_Exercise_
Show me every line in the listing that has the word "continued".

_Material to process_
* * * *

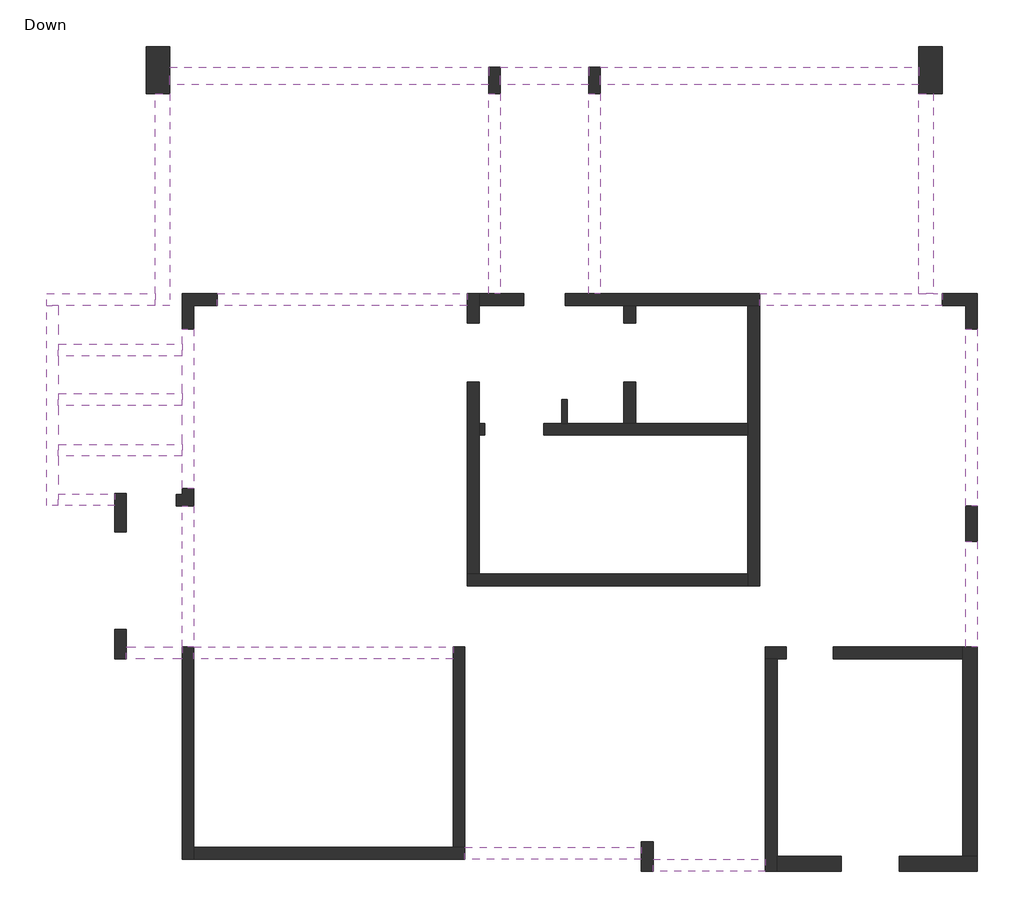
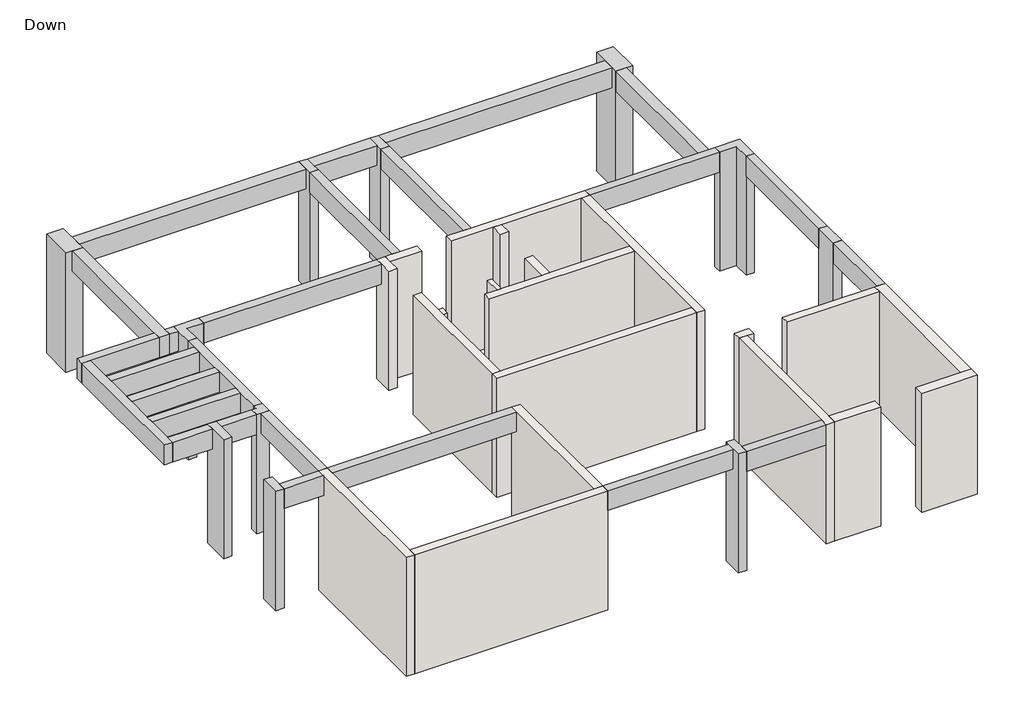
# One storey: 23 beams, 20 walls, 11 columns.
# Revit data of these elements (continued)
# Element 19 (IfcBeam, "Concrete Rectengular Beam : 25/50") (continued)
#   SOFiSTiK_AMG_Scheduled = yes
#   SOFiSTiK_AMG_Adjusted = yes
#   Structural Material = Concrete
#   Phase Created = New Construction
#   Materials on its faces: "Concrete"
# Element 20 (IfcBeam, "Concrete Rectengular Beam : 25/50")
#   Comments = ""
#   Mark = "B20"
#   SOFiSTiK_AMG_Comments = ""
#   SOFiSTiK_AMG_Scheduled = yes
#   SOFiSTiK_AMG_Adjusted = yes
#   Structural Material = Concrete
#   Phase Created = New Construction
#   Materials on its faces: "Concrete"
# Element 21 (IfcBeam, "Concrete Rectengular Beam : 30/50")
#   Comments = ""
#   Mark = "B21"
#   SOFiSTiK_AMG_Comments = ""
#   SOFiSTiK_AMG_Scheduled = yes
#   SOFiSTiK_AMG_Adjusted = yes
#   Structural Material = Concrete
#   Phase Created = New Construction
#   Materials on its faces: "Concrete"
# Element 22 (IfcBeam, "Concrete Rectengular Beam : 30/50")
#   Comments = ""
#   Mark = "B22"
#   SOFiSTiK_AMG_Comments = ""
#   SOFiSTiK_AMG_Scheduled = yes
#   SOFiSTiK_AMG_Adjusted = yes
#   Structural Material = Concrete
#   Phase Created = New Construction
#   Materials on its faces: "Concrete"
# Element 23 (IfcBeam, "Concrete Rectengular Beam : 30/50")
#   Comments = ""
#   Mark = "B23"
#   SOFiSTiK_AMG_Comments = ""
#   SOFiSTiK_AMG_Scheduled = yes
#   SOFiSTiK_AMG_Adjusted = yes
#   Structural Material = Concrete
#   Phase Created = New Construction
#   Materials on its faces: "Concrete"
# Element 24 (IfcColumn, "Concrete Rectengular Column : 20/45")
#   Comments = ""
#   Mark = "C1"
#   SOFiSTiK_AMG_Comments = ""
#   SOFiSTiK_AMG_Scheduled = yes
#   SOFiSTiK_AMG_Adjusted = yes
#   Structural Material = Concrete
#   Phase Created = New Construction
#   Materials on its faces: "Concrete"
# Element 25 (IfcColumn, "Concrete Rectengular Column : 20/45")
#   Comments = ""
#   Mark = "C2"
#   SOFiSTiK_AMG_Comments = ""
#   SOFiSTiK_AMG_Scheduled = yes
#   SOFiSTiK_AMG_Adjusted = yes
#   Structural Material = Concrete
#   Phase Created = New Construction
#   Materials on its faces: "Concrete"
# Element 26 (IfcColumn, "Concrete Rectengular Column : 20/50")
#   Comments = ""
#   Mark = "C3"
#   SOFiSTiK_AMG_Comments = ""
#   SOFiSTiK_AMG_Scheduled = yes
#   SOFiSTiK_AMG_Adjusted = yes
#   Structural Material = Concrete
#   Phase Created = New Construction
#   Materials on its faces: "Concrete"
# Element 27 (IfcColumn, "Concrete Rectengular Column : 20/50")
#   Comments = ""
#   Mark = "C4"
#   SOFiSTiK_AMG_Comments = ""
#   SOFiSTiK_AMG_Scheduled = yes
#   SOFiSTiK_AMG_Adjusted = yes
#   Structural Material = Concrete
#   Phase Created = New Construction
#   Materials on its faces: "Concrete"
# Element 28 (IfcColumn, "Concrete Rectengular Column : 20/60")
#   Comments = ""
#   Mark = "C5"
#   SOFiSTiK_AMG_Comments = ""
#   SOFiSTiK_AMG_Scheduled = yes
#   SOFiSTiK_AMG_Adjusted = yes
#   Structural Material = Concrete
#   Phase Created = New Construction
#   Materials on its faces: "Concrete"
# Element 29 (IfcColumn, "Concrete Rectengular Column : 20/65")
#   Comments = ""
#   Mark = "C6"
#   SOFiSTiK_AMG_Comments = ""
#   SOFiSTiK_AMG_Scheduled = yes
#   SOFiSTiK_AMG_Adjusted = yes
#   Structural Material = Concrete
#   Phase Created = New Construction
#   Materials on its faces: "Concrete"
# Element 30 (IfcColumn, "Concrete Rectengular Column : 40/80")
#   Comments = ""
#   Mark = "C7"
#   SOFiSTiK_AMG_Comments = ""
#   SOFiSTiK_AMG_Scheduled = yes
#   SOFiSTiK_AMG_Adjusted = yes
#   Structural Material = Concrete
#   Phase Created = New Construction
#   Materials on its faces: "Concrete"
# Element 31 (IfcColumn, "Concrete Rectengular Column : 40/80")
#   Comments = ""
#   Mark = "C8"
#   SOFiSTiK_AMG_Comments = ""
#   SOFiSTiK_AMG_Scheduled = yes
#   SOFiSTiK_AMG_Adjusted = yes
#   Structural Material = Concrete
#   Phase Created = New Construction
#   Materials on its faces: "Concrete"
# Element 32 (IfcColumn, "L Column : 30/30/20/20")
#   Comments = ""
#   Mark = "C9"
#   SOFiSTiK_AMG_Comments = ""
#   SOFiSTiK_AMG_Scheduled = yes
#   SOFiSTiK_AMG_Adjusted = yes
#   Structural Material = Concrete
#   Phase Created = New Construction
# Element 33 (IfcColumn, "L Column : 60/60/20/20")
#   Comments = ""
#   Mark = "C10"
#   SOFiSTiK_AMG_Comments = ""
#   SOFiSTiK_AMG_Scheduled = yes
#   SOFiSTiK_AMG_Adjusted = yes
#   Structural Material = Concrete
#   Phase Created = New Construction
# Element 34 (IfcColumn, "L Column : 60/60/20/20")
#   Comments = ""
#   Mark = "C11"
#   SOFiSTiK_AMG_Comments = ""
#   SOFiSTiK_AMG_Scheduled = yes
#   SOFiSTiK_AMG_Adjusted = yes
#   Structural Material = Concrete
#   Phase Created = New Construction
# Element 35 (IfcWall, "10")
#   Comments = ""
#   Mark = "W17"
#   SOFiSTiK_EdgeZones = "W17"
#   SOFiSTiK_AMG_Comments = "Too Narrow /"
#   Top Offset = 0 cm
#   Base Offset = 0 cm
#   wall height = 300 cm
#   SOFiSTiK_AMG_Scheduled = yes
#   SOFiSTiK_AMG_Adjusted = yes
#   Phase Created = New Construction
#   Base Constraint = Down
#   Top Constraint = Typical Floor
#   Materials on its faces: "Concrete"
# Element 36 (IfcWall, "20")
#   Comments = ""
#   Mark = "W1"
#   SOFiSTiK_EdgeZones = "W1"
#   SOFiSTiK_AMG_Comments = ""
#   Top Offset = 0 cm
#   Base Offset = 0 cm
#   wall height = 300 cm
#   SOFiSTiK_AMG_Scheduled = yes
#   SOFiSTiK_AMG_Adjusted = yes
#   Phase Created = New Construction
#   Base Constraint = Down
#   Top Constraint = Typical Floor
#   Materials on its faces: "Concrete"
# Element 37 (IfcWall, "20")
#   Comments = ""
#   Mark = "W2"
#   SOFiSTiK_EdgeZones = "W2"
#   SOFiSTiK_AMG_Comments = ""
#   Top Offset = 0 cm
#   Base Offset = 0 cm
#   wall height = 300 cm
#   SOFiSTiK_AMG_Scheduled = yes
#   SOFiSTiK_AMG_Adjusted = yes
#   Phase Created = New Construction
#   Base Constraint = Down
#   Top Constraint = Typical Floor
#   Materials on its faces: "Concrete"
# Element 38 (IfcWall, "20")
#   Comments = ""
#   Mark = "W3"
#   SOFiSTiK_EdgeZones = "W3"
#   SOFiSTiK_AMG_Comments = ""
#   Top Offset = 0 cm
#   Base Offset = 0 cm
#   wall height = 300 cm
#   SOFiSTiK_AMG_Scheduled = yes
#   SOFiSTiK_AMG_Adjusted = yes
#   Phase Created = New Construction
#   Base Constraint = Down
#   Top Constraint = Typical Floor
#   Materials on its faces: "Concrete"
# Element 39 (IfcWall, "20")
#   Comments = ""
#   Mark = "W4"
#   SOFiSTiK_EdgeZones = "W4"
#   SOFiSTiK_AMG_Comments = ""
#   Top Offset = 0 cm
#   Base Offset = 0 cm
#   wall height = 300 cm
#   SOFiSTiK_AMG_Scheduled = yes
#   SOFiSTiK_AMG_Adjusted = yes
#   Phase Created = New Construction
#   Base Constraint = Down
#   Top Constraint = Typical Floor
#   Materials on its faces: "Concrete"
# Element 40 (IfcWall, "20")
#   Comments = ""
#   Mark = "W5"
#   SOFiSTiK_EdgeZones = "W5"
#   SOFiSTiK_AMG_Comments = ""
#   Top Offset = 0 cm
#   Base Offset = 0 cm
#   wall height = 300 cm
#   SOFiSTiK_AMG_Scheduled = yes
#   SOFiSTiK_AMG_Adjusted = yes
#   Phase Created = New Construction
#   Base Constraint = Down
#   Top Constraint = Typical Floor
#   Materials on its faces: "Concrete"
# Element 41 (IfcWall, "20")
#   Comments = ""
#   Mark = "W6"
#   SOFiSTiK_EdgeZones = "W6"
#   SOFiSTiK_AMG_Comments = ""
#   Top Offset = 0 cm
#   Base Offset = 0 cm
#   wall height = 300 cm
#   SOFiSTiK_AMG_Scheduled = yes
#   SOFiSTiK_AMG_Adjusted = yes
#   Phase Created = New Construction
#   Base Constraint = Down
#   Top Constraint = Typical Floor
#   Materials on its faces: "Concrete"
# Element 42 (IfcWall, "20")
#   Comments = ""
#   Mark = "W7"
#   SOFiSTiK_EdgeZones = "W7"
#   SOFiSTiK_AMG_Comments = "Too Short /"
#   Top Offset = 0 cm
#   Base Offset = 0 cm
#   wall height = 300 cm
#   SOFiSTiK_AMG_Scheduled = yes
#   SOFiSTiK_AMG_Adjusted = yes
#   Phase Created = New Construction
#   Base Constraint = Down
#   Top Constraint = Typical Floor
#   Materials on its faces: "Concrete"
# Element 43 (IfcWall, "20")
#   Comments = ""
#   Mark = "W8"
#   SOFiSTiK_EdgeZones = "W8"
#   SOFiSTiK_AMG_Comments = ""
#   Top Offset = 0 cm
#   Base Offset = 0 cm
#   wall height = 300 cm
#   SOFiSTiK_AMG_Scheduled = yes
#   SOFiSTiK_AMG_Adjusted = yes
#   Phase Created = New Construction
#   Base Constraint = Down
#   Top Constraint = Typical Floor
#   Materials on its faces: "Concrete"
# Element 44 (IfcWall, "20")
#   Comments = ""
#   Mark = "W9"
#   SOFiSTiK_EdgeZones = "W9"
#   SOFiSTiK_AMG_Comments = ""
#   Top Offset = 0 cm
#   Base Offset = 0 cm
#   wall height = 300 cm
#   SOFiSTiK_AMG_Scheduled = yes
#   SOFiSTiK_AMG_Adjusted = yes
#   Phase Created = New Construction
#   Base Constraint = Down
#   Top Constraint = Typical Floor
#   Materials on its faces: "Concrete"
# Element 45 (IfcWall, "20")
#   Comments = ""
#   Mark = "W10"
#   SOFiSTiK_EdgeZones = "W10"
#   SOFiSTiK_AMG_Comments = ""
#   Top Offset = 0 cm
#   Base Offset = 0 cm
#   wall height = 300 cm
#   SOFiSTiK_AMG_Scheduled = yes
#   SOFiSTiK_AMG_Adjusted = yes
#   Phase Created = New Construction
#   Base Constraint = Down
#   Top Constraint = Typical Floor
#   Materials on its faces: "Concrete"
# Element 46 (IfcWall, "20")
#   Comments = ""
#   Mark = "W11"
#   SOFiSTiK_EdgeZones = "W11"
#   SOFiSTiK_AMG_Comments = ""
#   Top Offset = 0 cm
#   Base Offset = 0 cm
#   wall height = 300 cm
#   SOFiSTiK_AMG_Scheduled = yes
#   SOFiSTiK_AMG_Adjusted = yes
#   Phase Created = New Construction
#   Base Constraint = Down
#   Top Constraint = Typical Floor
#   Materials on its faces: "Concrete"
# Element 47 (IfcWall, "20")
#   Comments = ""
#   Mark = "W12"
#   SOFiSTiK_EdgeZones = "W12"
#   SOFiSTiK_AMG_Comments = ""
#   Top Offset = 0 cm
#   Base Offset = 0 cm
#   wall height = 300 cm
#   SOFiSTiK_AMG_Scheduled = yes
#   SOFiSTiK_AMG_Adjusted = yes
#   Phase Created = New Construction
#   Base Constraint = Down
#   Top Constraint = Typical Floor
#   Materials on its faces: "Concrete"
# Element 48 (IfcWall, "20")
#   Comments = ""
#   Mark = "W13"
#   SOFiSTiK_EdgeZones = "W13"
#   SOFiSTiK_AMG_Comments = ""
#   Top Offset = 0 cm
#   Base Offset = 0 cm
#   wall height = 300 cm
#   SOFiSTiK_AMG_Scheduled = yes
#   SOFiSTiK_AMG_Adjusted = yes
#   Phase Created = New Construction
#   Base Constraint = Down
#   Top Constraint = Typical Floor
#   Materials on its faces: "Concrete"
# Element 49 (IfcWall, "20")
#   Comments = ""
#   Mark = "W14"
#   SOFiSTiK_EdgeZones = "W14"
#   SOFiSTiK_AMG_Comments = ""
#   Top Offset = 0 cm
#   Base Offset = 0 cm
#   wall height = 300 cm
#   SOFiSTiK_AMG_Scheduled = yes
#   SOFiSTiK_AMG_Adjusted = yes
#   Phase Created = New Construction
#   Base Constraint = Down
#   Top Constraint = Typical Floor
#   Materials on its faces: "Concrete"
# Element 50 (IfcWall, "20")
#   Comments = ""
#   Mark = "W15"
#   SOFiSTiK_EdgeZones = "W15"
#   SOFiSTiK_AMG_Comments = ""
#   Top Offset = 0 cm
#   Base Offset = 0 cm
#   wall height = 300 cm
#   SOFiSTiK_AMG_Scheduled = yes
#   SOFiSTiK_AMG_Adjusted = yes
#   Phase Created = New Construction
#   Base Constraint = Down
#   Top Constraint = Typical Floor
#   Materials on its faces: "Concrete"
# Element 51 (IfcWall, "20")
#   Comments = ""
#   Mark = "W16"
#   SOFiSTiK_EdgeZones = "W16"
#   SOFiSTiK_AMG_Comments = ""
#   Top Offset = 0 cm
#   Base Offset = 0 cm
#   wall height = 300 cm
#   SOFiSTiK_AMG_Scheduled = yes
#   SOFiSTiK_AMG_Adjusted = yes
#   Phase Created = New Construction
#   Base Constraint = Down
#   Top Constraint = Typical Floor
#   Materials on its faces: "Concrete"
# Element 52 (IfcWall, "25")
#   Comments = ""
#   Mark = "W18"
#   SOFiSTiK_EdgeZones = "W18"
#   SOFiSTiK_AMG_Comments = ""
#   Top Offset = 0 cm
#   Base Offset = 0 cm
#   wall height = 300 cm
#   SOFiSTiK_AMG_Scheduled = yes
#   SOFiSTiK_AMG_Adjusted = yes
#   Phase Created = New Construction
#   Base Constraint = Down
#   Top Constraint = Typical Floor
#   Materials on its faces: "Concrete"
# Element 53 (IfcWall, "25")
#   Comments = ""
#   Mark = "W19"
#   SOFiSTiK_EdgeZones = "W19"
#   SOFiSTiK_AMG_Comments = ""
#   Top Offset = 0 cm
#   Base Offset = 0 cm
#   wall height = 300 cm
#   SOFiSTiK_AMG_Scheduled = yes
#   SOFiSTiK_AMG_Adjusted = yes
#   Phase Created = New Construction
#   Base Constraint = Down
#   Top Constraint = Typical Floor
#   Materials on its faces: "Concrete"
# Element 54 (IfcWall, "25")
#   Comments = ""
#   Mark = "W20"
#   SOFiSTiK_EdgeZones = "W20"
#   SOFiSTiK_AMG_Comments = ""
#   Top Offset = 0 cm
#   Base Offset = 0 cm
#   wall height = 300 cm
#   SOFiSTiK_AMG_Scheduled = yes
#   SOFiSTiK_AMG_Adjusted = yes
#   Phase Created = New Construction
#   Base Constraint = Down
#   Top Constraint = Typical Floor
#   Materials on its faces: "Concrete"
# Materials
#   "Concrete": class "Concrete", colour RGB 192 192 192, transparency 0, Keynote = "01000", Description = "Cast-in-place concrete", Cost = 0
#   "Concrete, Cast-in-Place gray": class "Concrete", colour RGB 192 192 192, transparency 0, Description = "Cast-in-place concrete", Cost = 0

* * * *

_The answer_
# Revit data of these elements (continued)
# Element 19 (IfcBeam, "Concrete Rectengular Beam : 25/50") (continued)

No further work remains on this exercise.